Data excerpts
--------------------------------------------------
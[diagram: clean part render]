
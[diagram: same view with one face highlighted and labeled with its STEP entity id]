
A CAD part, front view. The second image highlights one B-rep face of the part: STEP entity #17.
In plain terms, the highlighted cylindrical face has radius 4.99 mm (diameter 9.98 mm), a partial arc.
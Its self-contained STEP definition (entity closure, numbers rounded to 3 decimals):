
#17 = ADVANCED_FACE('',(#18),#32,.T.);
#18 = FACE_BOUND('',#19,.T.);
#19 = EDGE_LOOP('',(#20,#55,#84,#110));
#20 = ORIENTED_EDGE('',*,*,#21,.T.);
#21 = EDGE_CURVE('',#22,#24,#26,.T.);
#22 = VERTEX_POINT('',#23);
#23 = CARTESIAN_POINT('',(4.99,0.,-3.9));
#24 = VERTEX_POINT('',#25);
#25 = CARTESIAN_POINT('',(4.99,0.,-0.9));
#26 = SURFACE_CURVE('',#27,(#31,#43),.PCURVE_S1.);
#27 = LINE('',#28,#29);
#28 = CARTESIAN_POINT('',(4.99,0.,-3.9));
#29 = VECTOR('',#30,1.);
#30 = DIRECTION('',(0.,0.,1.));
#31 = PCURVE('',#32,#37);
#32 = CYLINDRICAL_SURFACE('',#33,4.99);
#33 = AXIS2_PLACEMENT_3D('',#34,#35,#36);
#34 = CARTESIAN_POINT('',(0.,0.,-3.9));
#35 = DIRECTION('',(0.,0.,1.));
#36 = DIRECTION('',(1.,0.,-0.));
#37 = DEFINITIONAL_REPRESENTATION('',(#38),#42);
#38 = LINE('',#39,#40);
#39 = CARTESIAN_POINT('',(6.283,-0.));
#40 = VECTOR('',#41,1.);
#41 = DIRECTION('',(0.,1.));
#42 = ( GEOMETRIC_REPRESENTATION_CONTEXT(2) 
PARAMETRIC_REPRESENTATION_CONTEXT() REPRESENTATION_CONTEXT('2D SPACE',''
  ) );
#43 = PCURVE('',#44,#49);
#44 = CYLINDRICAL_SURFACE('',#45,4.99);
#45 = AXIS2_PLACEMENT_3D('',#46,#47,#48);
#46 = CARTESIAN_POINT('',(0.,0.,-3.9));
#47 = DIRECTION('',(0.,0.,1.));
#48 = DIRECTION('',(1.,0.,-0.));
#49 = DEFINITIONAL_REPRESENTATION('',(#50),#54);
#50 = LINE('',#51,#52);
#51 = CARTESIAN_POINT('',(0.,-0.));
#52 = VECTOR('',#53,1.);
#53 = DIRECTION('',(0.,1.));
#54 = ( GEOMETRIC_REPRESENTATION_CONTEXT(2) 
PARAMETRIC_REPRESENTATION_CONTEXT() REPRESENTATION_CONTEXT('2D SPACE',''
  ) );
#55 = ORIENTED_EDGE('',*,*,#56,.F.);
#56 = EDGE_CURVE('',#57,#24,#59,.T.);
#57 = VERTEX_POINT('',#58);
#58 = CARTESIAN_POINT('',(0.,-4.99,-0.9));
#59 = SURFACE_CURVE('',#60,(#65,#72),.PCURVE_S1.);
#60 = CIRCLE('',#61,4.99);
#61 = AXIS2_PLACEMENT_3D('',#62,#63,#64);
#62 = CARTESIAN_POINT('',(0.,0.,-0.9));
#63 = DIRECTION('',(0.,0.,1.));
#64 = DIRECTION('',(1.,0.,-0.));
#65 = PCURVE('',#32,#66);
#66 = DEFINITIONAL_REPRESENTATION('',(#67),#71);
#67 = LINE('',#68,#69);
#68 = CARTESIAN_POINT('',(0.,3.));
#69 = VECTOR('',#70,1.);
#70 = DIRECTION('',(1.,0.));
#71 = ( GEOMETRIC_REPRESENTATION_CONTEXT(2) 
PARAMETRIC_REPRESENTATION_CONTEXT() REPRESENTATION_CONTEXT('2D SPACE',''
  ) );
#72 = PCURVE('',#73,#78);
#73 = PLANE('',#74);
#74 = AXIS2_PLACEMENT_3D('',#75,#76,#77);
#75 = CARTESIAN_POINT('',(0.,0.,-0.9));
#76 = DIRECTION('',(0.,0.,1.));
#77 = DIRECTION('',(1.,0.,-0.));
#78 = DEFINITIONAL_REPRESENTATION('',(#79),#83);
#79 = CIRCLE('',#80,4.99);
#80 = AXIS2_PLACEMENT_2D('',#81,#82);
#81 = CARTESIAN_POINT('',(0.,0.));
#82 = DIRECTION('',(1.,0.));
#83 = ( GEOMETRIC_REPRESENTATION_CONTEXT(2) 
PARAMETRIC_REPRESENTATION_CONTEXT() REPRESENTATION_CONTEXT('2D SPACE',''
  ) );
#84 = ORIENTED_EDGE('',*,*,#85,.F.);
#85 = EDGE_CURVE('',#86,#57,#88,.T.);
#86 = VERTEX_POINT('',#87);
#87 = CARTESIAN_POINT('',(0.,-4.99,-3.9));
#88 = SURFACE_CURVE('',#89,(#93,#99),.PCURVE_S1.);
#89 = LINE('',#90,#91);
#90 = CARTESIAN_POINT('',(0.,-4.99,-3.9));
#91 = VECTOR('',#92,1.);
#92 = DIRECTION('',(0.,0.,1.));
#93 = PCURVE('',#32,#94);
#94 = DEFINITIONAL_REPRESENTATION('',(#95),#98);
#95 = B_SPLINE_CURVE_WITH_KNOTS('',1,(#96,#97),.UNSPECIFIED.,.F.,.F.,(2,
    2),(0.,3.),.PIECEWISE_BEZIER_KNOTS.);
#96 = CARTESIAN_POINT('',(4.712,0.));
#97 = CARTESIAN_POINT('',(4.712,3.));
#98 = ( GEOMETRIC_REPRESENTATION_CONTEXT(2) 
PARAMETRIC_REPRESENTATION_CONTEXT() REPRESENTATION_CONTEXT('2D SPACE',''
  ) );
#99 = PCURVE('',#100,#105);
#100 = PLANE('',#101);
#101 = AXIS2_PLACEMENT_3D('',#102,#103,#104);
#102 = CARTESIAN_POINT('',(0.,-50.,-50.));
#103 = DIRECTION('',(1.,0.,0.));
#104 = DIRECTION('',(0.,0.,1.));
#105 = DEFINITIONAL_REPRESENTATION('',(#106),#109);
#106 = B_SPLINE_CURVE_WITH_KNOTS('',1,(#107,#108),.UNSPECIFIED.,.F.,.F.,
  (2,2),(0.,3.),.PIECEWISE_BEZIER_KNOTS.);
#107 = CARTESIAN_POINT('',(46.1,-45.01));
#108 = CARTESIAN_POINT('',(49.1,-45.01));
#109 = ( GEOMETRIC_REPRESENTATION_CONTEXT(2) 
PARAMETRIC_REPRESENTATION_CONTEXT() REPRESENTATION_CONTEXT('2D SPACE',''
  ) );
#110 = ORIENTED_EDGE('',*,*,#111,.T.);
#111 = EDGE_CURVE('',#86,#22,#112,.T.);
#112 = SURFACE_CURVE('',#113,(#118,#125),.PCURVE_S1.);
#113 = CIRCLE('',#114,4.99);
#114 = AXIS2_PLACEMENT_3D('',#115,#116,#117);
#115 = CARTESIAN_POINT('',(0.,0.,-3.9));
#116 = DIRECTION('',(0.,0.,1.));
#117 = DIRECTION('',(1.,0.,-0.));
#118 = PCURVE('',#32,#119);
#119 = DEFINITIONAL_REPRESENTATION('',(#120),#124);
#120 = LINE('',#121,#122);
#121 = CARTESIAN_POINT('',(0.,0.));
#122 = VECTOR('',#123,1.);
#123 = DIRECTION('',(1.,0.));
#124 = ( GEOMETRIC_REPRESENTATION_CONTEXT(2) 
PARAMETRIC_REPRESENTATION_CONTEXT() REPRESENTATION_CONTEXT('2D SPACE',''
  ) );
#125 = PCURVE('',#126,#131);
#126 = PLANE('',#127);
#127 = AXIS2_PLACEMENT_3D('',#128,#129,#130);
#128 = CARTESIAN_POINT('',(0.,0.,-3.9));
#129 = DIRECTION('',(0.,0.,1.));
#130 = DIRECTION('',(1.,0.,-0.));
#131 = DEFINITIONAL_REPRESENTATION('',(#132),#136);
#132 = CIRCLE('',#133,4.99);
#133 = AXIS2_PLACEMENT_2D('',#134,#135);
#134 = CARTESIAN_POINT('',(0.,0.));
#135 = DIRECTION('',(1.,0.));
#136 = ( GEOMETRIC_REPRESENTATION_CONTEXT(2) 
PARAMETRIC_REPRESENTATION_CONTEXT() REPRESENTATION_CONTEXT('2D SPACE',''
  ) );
--------------------------------------------------
■ Work order ■
Scan the records above for lines with the word "highlighted". Then report how many there are, as a bare number.

■ Your response ■
2